▶ _YOUR TASK_
Please return every line of the records that contains the word "save".

▶ _RECORDS SHOWN_
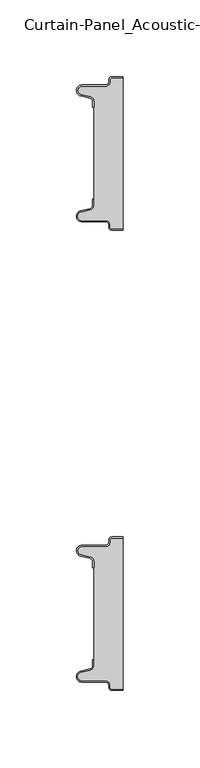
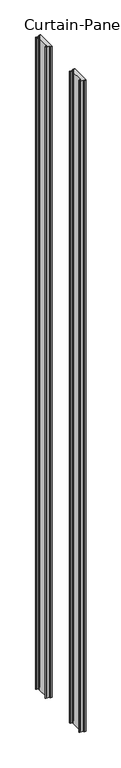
"""IFC4 building model written with IfcOpenShell, lengths in millimetres: plate geometry, Curtain-Panel_Acoustic-Double-Panel_Standard-profile-PMH : ACH_Acoustic-Double-Panel_PMH_100-200-100."""

from ifc_helpers import new_model, si_unit, point, frame_2d, origin, origin_with_axes, place, context, project, spatial, polyline, circle_curve, trimmed, segment, composite_curve, outline, extrude, source, transform, mapped, element, save


def curtain_panel_acoustic_double_panel_standard_profile_pmh_10210fed(model_context):
    return source(origin(), model_context, "Body", "SweptSolid", [
        extrude(outline(composite_curve([segment(trimmed(circle_curve(frame_2d((-12.0, -315.878557)), 2.0), [point((-10.0, -315.878557))], [point((-11.5500978, -313.9298169))], True, "CARTESIAN"), True, "CONTINUOUS"), segment(polyline([(-11.5500978, -313.9298169), (-17.7098239, -312.507732)]), True, "CONTINUOUS"), segment(trimmed(circle_curve(frame_2d((-16.9, -309.0)), 3.6), [point((-17.7098239, -312.507732))], [point((-16.9, -305.4))], False, "CARTESIAN"), True, "CONTINUOUS"), segment(polyline([(-16.9, -305.4), (-1.4, -305.4)]), True, "CONTINUOUS"), segment(trimmed(circle_curve(frame_2d((-1.4, -303.4)), 2.0), [point((-1.4, -305.4))], [point((0.6, -303.4))], True, "CARTESIAN"), True, "CONTINUOUS"), segment(polyline([(0.6, -303.4), (0.6, -302.0)]), True, "CONTINUOUS"), segment(trimmed(circle_curve(frame_2d((2.6, -302.0)), 2.0), [point((0.6, -302.0))], [point((2.6, -300.0))], False, "CARTESIAN"), True, "CONTINUOUS"), segment(polyline([(2.6, -300.0), (10.0, -300.0), (10.0, -300.8), (2.6, -300.8)]), True, "CONTINUOUS"), segment(trimmed(circle_curve(frame_2d((2.6, -302.0)), 1.2), [point((2.6, -300.8))], [point((1.4, -302.0))], True, "CARTESIAN"), True, "CONTINUOUS"), segment(polyline([(1.4, -302.0), (1.4, -303.4)]), True, "CONTINUOUS"), segment(trimmed(circle_curve(frame_2d((-1.4, -303.4)), 2.8), [point((1.4, -303.4))], [point((-1.4, -306.2))], False, "CARTESIAN"), True, "CONTINUOUS"), segment(polyline([(-1.4, -306.2), (-16.9, -306.2)]), True, "CONTINUOUS"), segment(trimmed(circle_curve(frame_2d((-16.9, -309.0)), 2.8), [point((-16.9, -306.2))], [point((-17.529863, -311.7282362))], True, "CARTESIAN"), True, "CONTINUOUS"), segment(polyline([(-17.529863, -311.7282362), (-11.370137, -313.150321)]), True, "CONTINUOUS"), segment(trimmed(circle_curve(frame_2d((-12.0, -315.878557)), 2.8), [point((-11.370137, -313.150321))], [point((-9.2, -315.878557))], False, "CARTESIAN"), True, "CONTINUOUS"), segment(polyline([(-9.2, -315.878557), (-9.2, -320.0), (-10.0, -320.0), (-10.0, -315.878557)]), True, "CONTINUOUS")], self_intersect=False)), origin_with_axes(), (0.0, 0.0, 1.0), 3500.0),
        extrude(outline(composite_curve([segment(polyline([(-9.2, -384.121443), (-9.2, -315.8785573)]), True, "CONTINUOUS"), segment(trimmed(circle_curve(frame_2d((-12.0, -315.8785573)), 2.8), [point((-9.2, -315.8785573))], [point((-11.370137, -313.1503212))], True, "CARTESIAN"), True, "CONTINUOUS"), segment(polyline([(-11.370137, -313.1503212), (-17.5298631, -311.7282362)]), True, "CONTINUOUS"), segment(trimmed(circle_curve(frame_2d((-16.9, -309.0)), 2.8), [point((-17.5298631, -311.7282362))], [point((-16.9, -306.2))], False, "CARTESIAN"), True, "CONTINUOUS"), segment(polyline([(-16.9, -306.2), (-1.4000001, -306.2)]), True, "CONTINUOUS"), segment(trimmed(circle_curve(frame_2d((-1.4000001, -303.4)), 2.8), [point((-1.4000001, -306.2))], [point((1.3999999, -303.4))], True, "CARTESIAN"), True, "CONTINUOUS"), segment(polyline([(1.3999999, -303.4), (1.3999999, -302.0)]), True, "CONTINUOUS"), segment(trimmed(circle_curve(frame_2d((2.5999999, -302.0)), 1.2), [point((1.3999999, -302.0))], [point((2.5999999, -300.8))], False, "CARTESIAN"), True, "CONTINUOUS"), segment(polyline([(2.5999999, -300.8), (10.0, -300.8), (10.0, -399.2), (2.6, -399.2)]), True, "CONTINUOUS"), segment(trimmed(circle_curve(frame_2d((2.6, -398.0)), 1.2), [point((2.6, -399.2))], [point((1.4, -398.0))], False, "CARTESIAN"), True, "CONTINUOUS"), segment(polyline([(1.4, -398.0), (1.4, -396.5999998)]), True, "CONTINUOUS"), segment(trimmed(circle_curve(frame_2d((-1.4, -396.5999998)), 2.8), [point((1.4, -396.5999998))], [point((-1.4, -393.7999998))], True, "CARTESIAN"), True, "CONTINUOUS"), segment(polyline([(-1.4, -393.7999998), (-16.9, -393.7999998)]), True, "CONTINUOUS"), segment(trimmed(circle_curve(frame_2d((-16.9, -391.0)), 2.7999998), [point((-16.9, -393.7999998))], [point((-17.529863, -388.271764))], False, "CARTESIAN"), True, "CONTINUOUS"), segment(polyline([(-17.529863, -388.271764), (-11.370137, -386.8496792)]), True, "CONTINUOUS"), segment(trimmed(circle_curve(frame_2d((-12.0, -384.121443)), 2.8), [point((-11.370137, -386.8496792))], [point((-9.2, -384.121443))], True, "CARTESIAN"), True, "CONTINUOUS")], self_intersect=False)), origin_with_axes(), (0.0, 0.0, 1.0), 3500.0),
        extrude(outline(composite_curve([segment(trimmed(circle_curve(frame_2d((2.6, -398.0)), 2.0), [point((2.6, -400.0))], [point((0.6, -398.0))], False, "CARTESIAN"), True, "CONTINUOUS"), segment(polyline([(0.6, -398.0), (0.6, -396.6)]), True, "CONTINUOUS"), segment(trimmed(circle_curve(frame_2d((-1.4, -396.6)), 2.0), [point((0.6, -396.6))], [point((-1.4, -394.6))], True, "CARTESIAN"), True, "CONTINUOUS"), segment(polyline([(-1.4, -394.6), (-16.9, -394.6)]), True, "CONTINUOUS"), segment(trimmed(circle_curve(frame_2d((-16.9, -391.0)), 3.6), [point((-16.9, -394.6))], [point((-17.7098239, -387.4922678))], False, "CARTESIAN"), True, "CONTINUOUS"), segment(polyline([(-17.7098239, -387.4922678), (-11.5500979, -386.070183)]), True, "CONTINUOUS"), segment(trimmed(circle_curve(frame_2d((-12.0, -384.121443)), 2.0), [point((-11.5500979, -386.070183))], [point((-10.0, -384.121443))], True, "CARTESIAN"), True, "CONTINUOUS"), segment(polyline([(-10.0, -384.121443), (-10.0, -380.0), (-9.2, -380.0), (-9.2, -384.121443)]), True, "CONTINUOUS"), segment(trimmed(circle_curve(frame_2d((-12.0, -384.121443)), 2.8), [point((-9.2, -384.121443))], [point((-11.370137, -386.8496792))], False, "CARTESIAN"), True, "CONTINUOUS"), segment(polyline([(-11.370137, -386.8496792), (-17.529863, -388.271764)]), True, "CONTINUOUS"), segment(trimmed(circle_curve(frame_2d((-16.9, -391.0)), 2.8), [point((-17.529863, -388.271764))], [point((-16.9, -393.8))], True, "CARTESIAN"), True, "CONTINUOUS"), segment(polyline([(-16.9, -393.8), (-1.4, -393.8)]), True, "CONTINUOUS"), segment(trimmed(circle_curve(frame_2d((-1.4, -396.6)), 2.8), [point((-1.4, -393.8))], [point((1.4, -396.6))], False, "CARTESIAN"), True, "CONTINUOUS"), segment(polyline([(1.4, -396.6), (1.4, -398.0)]), True, "CONTINUOUS"), segment(trimmed(circle_curve(frame_2d((2.6, -398.0)), 1.2), [point((1.4, -398.0))], [point((2.6, -399.2))], True, "CARTESIAN"), True, "CONTINUOUS"), segment(polyline([(2.6, -399.2), (10.0, -399.2), (10.0, -400.0), (2.6, -400.0)]), True, "CONTINUOUS")], self_intersect=False)), origin_with_axes(), (0.0, 0.0, 1.0), 3500.0),
        extrude(outline(composite_curve([segment(trimmed(circle_curve(frame_2d((-12.0, -15.878557)), 2.0), [point((-10.0, -15.878557))], [point((-11.5500978, -13.9298169))], True, "CARTESIAN"), True, "CONTINUOUS"), segment(polyline([(-11.5500978, -13.9298169), (-17.7098239, -12.507732)]), True, "CONTINUOUS"), segment(trimmed(circle_curve(frame_2d((-16.9, -9.0)), 3.6), [point((-17.7098239, -12.507732))], [point((-16.9, -5.4))], False, "CARTESIAN"), True, "CONTINUOUS"), segment(polyline([(-16.9, -5.4), (-1.4, -5.4)]), True, "CONTINUOUS"), segment(trimmed(circle_curve(frame_2d((-1.4, -3.4)), 2.0), [point((-1.4, -5.4))], [point((0.6, -3.4))], True, "CARTESIAN"), True, "CONTINUOUS"), segment(polyline([(0.6, -3.4), (0.6, -2.0)]), True, "CONTINUOUS"), segment(trimmed(circle_curve(frame_2d((2.6, -2.0)), 2.0), [point((0.6, -2.0))], [point((2.6, 0.0))], False, "CARTESIAN"), True, "CONTINUOUS"), segment(polyline([(2.6, 0.0), (10.0, 0.0), (10.0, -0.8), (2.6, -0.8)]), True, "CONTINUOUS"), segment(trimmed(circle_curve(frame_2d((2.6, -2.0)), 1.2), [point((2.6, -0.8))], [point((1.4, -2.0))], True, "CARTESIAN"), True, "CONTINUOUS"), segment(polyline([(1.4, -2.0), (1.4, -3.4)]), True, "CONTINUOUS"), segment(trimmed(circle_curve(frame_2d((-1.4, -3.4)), 2.8), [point((1.4, -3.4))], [point((-1.4, -6.2))], False, "CARTESIAN"), True, "CONTINUOUS"), segment(polyline([(-1.4, -6.2), (-16.9, -6.2)]), True, "CONTINUOUS"), segment(trimmed(circle_curve(frame_2d((-16.9, -9.0)), 2.8), [point((-16.9, -6.2))], [point((-17.529863, -11.7282362))], True, "CARTESIAN"), True, "CONTINUOUS"), segment(polyline([(-17.529863, -11.7282362), (-11.370137, -13.150321)]), True, "CONTINUOUS"), segment(trimmed(circle_curve(frame_2d((-12.0, -15.878557)), 2.8), [point((-11.370137, -13.150321))], [point((-9.2, -15.878557))], False, "CARTESIAN"), True, "CONTINUOUS"), segment(polyline([(-9.2, -15.878557), (-9.2, -20.0), (-10.0, -20.0), (-10.0, -15.878557)]), True, "CONTINUOUS")], self_intersect=False)), origin_with_axes(), (0.0, 0.0, 1.0), 3500.0),
        extrude(outline(composite_curve([segment(polyline([(-9.2, -84.121443), (-9.2, -15.8785573)]), True, "CONTINUOUS"), segment(trimmed(circle_curve(frame_2d((-12.0, -15.8785573)), 2.8), [point((-9.2, -15.8785573))], [point((-11.370137, -13.1503212))], True, "CARTESIAN"), True, "CONTINUOUS"), segment(polyline([(-11.370137, -13.1503212), (-17.5298631, -11.7282362)]), True, "CONTINUOUS"), segment(trimmed(circle_curve(frame_2d((-16.9, -9.0)), 2.8), [point((-17.5298631, -11.7282362))], [point((-16.9, -6.2))], False, "CARTESIAN"), True, "CONTINUOUS"), segment(polyline([(-16.9, -6.2), (-1.4000001, -6.2)]), True, "CONTINUOUS"), segment(trimmed(circle_curve(frame_2d((-1.4000001, -3.4)), 2.8), [point((-1.4000001, -6.2))], [point((1.3999999, -3.4))], True, "CARTESIAN"), True, "CONTINUOUS"), segment(polyline([(1.3999999, -3.4), (1.3999999, -2.0)]), True, "CONTINUOUS"), segment(trimmed(circle_curve(frame_2d((2.5999999, -2.0)), 1.2), [point((1.3999999, -2.0))], [point((2.5999999, -0.8))], False, "CARTESIAN"), True, "CONTINUOUS"), segment(polyline([(2.5999999, -0.8), (10.0, -0.8), (10.0, -99.2), (2.6, -99.2)]), True, "CONTINUOUS"), segment(trimmed(circle_curve(frame_2d((2.6, -98.0)), 1.2), [point((2.6, -99.2))], [point((1.4, -98.0))], False, "CARTESIAN"), True, "CONTINUOUS"), segment(polyline([(1.4, -98.0), (1.4, -96.5999998)]), True, "CONTINUOUS"), segment(trimmed(circle_curve(frame_2d((-1.4, -96.5999998)), 2.8), [point((1.4, -96.5999998))], [point((-1.4, -93.7999998))], True, "CARTESIAN"), True, "CONTINUOUS"), segment(polyline([(-1.4, -93.7999998), (-16.9, -93.7999998)]), True, "CONTINUOUS"), segment(trimmed(circle_curve(frame_2d((-16.9, -91.0)), 2.7999998), [point((-16.9, -93.7999998))], [point((-17.529863, -88.271764))], False, "CARTESIAN"), True, "CONTINUOUS"), segment(polyline([(-17.529863, -88.271764), (-11.370137, -86.8496792)]), True, "CONTINUOUS"), segment(trimmed(circle_curve(frame_2d((-12.0, -84.121443)), 2.8), [point((-11.370137, -86.8496792))], [point((-9.2, -84.121443))], True, "CARTESIAN"), True, "CONTINUOUS")], self_intersect=False)), origin_with_axes(), (0.0, 0.0, 1.0), 3500.0),
        extrude(outline(composite_curve([segment(trimmed(circle_curve(frame_2d((2.6, -98.0)), 2.0), [point((2.6, -100.0))], [point((0.6, -98.0))], False, "CARTESIAN"), True, "CONTINUOUS"), segment(polyline([(0.6, -98.0), (0.6, -96.6)]), True, "CONTINUOUS"), segment(trimmed(circle_curve(frame_2d((-1.4, -96.6)), 2.0), [point((0.6, -96.6))], [point((-1.4, -94.6))], True, "CARTESIAN"), True, "CONTINUOUS"), segment(polyline([(-1.4, -94.6), (-16.9, -94.6)]), True, "CONTINUOUS"), segment(trimmed(circle_curve(frame_2d((-16.9, -91.0)), 3.6), [point((-16.9, -94.6))], [point((-17.7098239, -87.4922678))], False, "CARTESIAN"), True, "CONTINUOUS"), segment(polyline([(-17.7098239, -87.4922678), (-11.5500979, -86.070183)]), True, "CONTINUOUS"), segment(trimmed(circle_curve(frame_2d((-12.0, -84.121443)), 2.0), [point((-11.5500979, -86.070183))], [point((-10.0, -84.121443))], True, "CARTESIAN"), True, "CONTINUOUS"), segment(polyline([(-10.0, -84.121443), (-10.0, -80.0), (-9.2, -80.0), (-9.2, -84.121443)]), True, "CONTINUOUS"), segment(trimmed(circle_curve(frame_2d((-12.0, -84.121443)), 2.8), [point((-9.2, -84.121443))], [point((-11.370137, -86.8496792))], False, "CARTESIAN"), True, "CONTINUOUS"), segment(polyline([(-11.370137, -86.8496792), (-17.529863, -88.271764)]), True, "CONTINUOUS"), segment(trimmed(circle_curve(frame_2d((-16.9, -91.0)), 2.8), [point((-17.529863, -88.271764))], [point((-16.9, -93.8))], True, "CARTESIAN"), True, "CONTINUOUS"), segment(polyline([(-16.9, -93.8), (-1.4, -93.8)]), True, "CONTINUOUS"), segment(trimmed(circle_curve(frame_2d((-1.4, -96.6)), 2.8), [point((-1.4, -93.8))], [point((1.4, -96.6))], False, "CARTESIAN"), True, "CONTINUOUS"), segment(polyline([(1.4, -96.6), (1.4, -98.0)]), True, "CONTINUOUS"), segment(trimmed(circle_curve(frame_2d((2.6, -98.0)), 1.2), [point((1.4, -98.0))], [point((2.6, -99.2))], True, "CARTESIAN"), True, "CONTINUOUS"), segment(polyline([(2.6, -99.2), (10.0, -99.2), (10.0, -100.0), (2.6, -100.0)]), True, "CONTINUOUS")], self_intersect=False)), origin_with_axes(), (0.0, 0.0, 1.0), 3500.0),
    ])


if __name__ == "__main__":
    model = new_model("IFC4")
    model_context = context("Model", 3, world=origin())
    ifc_project = project(units=[si_unit("LENGTHUNIT", "METRE", prefix="MILLI")], contexts=[model_context])
    site = spatial("IfcSite", under=ifc_project)
    building = spatial("IfcBuilding", under=site)
    placement = place(None, origin())
    curtain_panel_acoustic_double_panel_standard_profile_pmh_shape = curtain_panel_acoustic_double_panel_standard_profile_pmh_10210fed(model_context)
    element("IfcPlate", 1, ObjectType="Curtain-Panel_Acoustic-Double-Panel_Standard-profile-PMH : ACH_Acoustic-Double-Panel_PMH_100-200-100", at=placement, inside=building, context=model_context, shape_type="MappedRepresentation", body=[
        mapped(curtain_panel_acoustic_double_panel_standard_profile_pmh_shape, transform((0.0, 0.0, 0.0), x_axis=(1.0, 0.0, 0.0), y_axis=(0.0, 1.0, 0.0), z_axis=(0.0, 0.0, 1.0))),
    ])
    save(model, "model.ifc")

▶ _OUTPUT OF THE EXERCISE_
from ifc_helpers import new_model, si_unit, point, frame_2d, origin, origin_with_axes, place, context, project, spatial, polyline, circle_curve, trimmed, segment, composite_curve, outline, extrude, source, transform, mapped, element, save
    save(model, "model.ifc")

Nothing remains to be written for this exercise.